» Work request
Write out exactly the lines below that run from the one containing "doc.layers.add(name, color=color, linetype=linetype)" through the one containing "msp.add_line(p, q, dxfattribs=at)", both included, with no other lines.

» Data under study
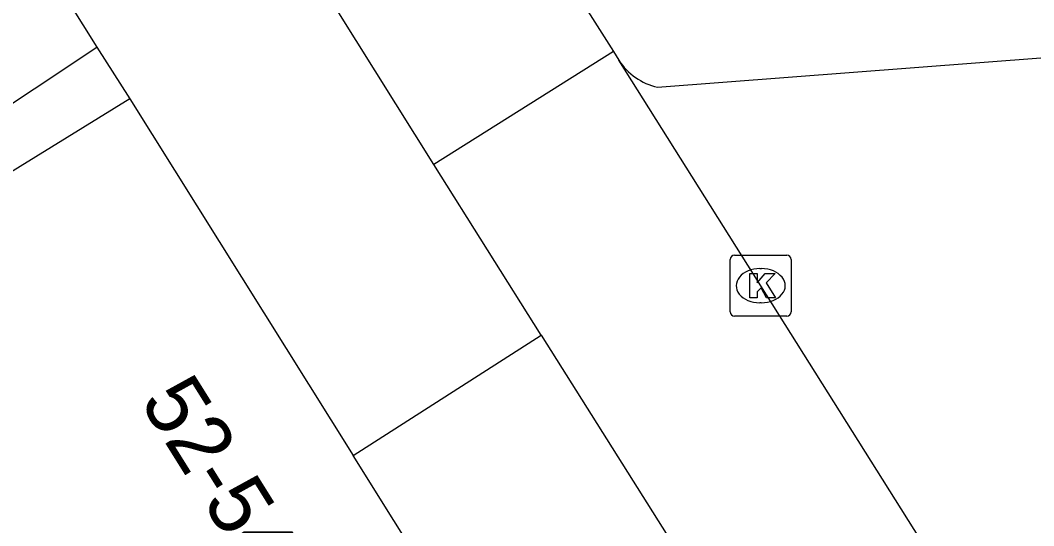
# Model space of a CAD drawing. Extents: x 161801 to 162379, y 382315 to 382832.
# Drawn here: x 162071.44 to 162088.01, y 382518.38 to 382526.64 of the extents above; entities that cross this region are included whole.
import ezdxf

# ---------------------------------------------------------------- set-up
doc = ezdxf.new("R2010")
doc.units = 0
for name, color, linetype in [('IMGEO_Kolk', 7, 'Continuous'), ('IMGEO_Pand', 7, 'Continuous'), ('IMGEO_Pand_nummerreeks', 7, 'Continuous'), ('IMGEO_Rijbaan_lokaal_open', 7, 'Continuous'), ('IMGEO_Voetpad_open', 7, 'Continuous')]:
    doc.layers.add(name, color=color, linetype=linetype)

msp = doc.modelspace()

# ---------------------------------------------------------------- linework, layer by layer
at = {"layer": 'IMGEO_Kolk'}
for p, q in [((162083.121, 382522.801), (162083.973, 382522.801)), ((162083.046, 382521.875), (162083.046, 382522.727)), ((162084.047, 382522.727), (162084.047, 382521.875)), ((162083.534, 382522.581), (162083.559, 382522.581)), ((162083.557, 382522.021), (162083.532, 382522.021)), ((162083.973, 382521.801), (162083.121, 382521.801))]:
    msp.add_line(p, q, dxfattribs=at)
for points in [[(162083.121, 382522.801), (162083.973, 382522.801)], [(162083.046, 382521.875), (162083.046, 382522.727)], [(162084.047, 382522.727), (162084.047, 382521.875)], [(162083.367, 382522.501), (162083.49, 382522.501), (162083.49, 382522.35), (162083.62, 382522.501), (162083.784, 382522.501), (162083.638, 382522.35), (162083.791, 382522.101), (162083.639, 382522.101), (162083.554, 382522.265), (162083.49, 382522.198), (162083.49, 382522.101), (162083.367, 382522.101), (162083.367, 382522.501)], [(162083.973, 382521.801), (162083.121, 382521.801)]]:
    msp.add_lwpolyline(points, dxfattribs=at)
for centre, start, end in [((162083.123, 382522.725), 91.552, 178.448), ((162083.123, 382522.725), 91.552, 178.448), ((162083.971, 382522.725), 1.552, 88.448), ((162083.971, 382522.725), 1.552, 88.448), ((162083.123, 382521.877), 181.552, 268.448), ((162083.123, 382521.877), 181.552, 268.448), ((162083.971, 382521.877), 271.552, 358.448), ((162083.971, 382521.877), 271.552, 358.448)]:
    msp.add_arc(centre, 0.0765, start, end, dxfattribs=at)
for centre, major_axis, ratio, start_param, end_param in [((162083.533, 382522.301), (-0.387, 0.002), 0.722429, 4.712389, 7.853982), ((162083.558, 382522.301), (-0.39, 0.002), 0.717154, 1.570796, 4.712389)]:
    msp.add_ellipse(centre, major_axis=major_axis, ratio=ratio, start_param=start_param, end_param=end_param, dxfattribs=at)
at = {"layer": 'IMGEO_Pand'}
for points in [[(162069.305, 382531.6), (162072.69, 382526.201)], [(162054.668, 382522.408), (162056.716, 382519.203), (162056.811, 382519.053), (162064.227, 382523.721), (162065.573, 382521.582), (162068.589, 382523.477), (162072.69, 382526.201)], [(162073.232, 382525.358), (162069.058, 382522.785), (162065.94, 382520.822)], [(162073.232, 382525.358), (162076.885, 382519.522)], [(162078.879, 382516.336), (162076.885, 382519.522)]]:
    msp.add_lwpolyline(points, dxfattribs=at)
at = {"layer": 'IMGEO_Rijbaan_lokaal_open'}
for points in [[(162080.1, 382527.774), (162081.138, 382526.129)], [(162078.203, 382524.285), (162076.622, 382526.804)], [(162081.138, 382526.129), (162078.203, 382524.285)], [(162081.138, 382526.129), (162081.227, 382525.987)], [(162091.281, 382510.003), (162081.227, 382525.987)], [(162079.956, 382521.492), (162078.203, 382524.285)], [(162079.956, 382521.492), (162082.029, 382518.203)]]:
    msp.add_lwpolyline(points, dxfattribs=at)
at = {"layer": 'IMGEO_Voetpad_open'}
for points in [[(162072.69, 382526.201), (162073.232, 382525.358)], [(162081.859, 382525.548), (162088.201, 382526.034)], [(162076.885, 382519.522), (162079.956, 382521.492)]]:
    msp.add_lwpolyline(points, dxfattribs=at)
msp.add_arc((162082.084, 382526.547), 1.024, 213.1429, 257.2878, dxfattribs=at)

# ---------------------------------------------------------------- texts
at = {"layer": 'IMGEO_Pand_nummerreeks'}
msp.add_text('52-54', height=1, rotation=302.0453, dxfattribs=at).set_placement((162073.383, 382520.405))

doc.saveas('drawing.dxf')

» Reply
    doc.layers.add(name, color=color, linetype=linetype)

msp = doc.modelspace()

# ---------------------------------------------------------------- linework, layer by layer
at = {"layer": 'IMGEO_Kolk'}
for p, q in [((162083.121, 382522.801), (162083.973, 382522.801)), ((162083.046, 382521.875), (162083.046, 382522.727)), ((162084.047, 382522.727), (162084.047, 382521.875)), ((162083.534, 382522.581), (162083.559, 382522.581)), ((162083.557, 382522.021), (162083.532, 382522.021)), ((162083.973, 382521.801), (162083.121, 382521.801))]:
    msp.add_line(p, q, dxfattribs=at)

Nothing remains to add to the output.